Goal of the exercise:
Extract every line from the records below that contains the word "value".

Record extracts Start Marker

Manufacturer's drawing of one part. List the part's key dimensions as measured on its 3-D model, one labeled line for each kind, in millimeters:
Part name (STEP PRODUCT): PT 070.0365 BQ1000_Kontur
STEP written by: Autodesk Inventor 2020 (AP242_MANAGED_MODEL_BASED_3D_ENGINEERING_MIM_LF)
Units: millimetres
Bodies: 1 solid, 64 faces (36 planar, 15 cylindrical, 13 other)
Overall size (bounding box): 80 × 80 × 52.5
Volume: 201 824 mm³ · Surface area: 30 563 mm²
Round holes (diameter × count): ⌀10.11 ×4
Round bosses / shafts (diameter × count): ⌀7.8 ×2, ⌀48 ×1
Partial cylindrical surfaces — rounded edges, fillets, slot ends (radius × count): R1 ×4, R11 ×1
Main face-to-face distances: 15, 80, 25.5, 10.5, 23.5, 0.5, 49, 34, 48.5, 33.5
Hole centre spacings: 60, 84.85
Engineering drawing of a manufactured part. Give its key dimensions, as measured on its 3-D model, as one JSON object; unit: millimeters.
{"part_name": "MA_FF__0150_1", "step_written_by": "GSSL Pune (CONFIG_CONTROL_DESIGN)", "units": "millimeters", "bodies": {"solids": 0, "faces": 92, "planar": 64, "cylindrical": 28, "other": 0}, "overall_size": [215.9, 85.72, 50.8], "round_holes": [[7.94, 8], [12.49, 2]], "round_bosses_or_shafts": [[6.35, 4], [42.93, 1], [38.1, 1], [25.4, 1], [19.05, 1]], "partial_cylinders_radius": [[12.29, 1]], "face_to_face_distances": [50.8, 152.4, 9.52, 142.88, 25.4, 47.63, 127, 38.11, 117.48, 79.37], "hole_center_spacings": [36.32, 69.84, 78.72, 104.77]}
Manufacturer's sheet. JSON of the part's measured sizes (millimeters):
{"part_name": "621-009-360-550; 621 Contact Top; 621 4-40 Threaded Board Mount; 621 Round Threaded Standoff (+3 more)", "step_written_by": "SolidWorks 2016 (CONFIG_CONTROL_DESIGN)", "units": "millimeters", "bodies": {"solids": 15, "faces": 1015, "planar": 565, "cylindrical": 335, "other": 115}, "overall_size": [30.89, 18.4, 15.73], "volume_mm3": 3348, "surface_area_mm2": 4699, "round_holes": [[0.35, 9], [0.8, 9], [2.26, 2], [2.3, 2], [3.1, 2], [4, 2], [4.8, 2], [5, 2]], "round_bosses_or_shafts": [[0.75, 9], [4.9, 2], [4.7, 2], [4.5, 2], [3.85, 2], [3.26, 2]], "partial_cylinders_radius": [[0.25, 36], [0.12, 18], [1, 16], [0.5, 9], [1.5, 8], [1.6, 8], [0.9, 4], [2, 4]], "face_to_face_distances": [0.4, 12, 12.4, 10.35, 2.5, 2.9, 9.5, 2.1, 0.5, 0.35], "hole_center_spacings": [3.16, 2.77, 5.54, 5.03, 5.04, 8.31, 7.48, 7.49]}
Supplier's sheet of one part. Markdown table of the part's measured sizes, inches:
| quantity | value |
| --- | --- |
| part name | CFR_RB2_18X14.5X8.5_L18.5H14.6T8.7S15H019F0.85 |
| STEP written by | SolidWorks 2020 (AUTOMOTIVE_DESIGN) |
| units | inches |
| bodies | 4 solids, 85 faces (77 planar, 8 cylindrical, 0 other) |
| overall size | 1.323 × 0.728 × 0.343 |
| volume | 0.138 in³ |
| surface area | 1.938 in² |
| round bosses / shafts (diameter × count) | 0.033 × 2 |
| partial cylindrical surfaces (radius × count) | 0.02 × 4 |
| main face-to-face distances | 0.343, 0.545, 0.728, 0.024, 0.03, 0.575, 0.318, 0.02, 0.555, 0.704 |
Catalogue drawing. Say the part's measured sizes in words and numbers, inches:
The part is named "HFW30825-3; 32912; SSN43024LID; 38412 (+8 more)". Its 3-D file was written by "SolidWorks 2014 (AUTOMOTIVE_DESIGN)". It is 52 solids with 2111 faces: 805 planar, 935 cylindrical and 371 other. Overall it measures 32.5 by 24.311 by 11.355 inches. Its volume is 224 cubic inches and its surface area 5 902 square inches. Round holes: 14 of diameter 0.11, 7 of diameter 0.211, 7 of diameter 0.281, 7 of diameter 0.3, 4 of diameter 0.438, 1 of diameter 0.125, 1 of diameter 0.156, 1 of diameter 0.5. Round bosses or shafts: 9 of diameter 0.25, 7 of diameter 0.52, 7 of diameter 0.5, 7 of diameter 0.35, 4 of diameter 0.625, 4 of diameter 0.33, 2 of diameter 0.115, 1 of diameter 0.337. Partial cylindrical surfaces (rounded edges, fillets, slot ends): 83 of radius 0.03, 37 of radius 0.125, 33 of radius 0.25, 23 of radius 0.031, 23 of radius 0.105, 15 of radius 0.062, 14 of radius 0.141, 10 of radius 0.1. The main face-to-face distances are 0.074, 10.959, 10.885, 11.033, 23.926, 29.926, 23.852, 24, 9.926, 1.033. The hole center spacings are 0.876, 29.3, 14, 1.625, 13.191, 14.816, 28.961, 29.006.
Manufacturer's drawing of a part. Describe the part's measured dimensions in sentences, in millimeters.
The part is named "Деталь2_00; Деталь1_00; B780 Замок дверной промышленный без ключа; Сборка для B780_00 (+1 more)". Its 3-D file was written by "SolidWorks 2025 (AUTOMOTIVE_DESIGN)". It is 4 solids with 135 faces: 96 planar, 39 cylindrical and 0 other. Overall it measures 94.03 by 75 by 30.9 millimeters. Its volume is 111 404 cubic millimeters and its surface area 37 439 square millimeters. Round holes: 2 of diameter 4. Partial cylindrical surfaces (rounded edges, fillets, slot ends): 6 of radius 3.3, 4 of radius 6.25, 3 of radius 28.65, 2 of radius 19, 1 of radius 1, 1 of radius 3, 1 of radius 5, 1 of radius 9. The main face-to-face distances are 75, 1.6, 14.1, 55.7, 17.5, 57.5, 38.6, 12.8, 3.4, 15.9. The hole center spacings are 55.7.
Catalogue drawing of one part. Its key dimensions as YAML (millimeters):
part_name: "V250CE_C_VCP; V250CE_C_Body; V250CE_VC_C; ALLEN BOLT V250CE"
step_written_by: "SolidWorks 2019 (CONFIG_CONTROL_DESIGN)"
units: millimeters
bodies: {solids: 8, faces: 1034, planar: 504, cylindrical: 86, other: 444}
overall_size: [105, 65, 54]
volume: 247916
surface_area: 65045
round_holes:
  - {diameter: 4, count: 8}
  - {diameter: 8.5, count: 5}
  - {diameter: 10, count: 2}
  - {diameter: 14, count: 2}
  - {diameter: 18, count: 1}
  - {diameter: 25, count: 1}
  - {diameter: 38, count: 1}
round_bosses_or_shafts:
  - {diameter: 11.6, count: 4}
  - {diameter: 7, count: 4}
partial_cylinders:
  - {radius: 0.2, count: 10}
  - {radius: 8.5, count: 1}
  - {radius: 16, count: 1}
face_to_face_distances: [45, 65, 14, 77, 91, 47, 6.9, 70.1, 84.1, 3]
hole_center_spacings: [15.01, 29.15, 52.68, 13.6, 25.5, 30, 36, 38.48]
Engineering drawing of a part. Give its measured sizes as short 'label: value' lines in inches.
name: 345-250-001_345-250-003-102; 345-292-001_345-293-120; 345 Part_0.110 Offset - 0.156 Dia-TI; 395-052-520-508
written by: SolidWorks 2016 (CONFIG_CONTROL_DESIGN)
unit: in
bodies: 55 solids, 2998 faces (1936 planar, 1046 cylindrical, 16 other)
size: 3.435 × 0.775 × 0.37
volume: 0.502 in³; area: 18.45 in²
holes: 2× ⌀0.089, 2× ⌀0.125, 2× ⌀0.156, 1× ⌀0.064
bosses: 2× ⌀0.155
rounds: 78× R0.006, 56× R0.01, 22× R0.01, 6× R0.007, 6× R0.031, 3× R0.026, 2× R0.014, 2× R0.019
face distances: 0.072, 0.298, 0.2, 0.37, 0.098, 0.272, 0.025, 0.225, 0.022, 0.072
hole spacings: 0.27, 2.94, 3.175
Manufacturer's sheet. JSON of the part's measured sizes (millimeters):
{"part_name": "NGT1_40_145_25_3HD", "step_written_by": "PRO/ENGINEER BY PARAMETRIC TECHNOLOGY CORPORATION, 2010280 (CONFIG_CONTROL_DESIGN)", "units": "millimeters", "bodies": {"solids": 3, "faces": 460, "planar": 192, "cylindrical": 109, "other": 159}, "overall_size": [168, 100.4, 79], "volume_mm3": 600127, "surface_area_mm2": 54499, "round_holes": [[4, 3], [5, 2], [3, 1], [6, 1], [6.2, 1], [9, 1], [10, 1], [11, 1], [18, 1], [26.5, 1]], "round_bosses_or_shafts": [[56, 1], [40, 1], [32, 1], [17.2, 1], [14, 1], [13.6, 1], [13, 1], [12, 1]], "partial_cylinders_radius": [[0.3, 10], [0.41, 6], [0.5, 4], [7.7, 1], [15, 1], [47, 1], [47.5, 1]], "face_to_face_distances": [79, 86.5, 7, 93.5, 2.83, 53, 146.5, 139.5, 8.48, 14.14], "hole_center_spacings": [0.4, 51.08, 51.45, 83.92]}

Record extracts End Marker

Problem solution:
| quantity | value |
Engineering drawing of a part. Give its measured sizes as short 'label: value' lines in inches.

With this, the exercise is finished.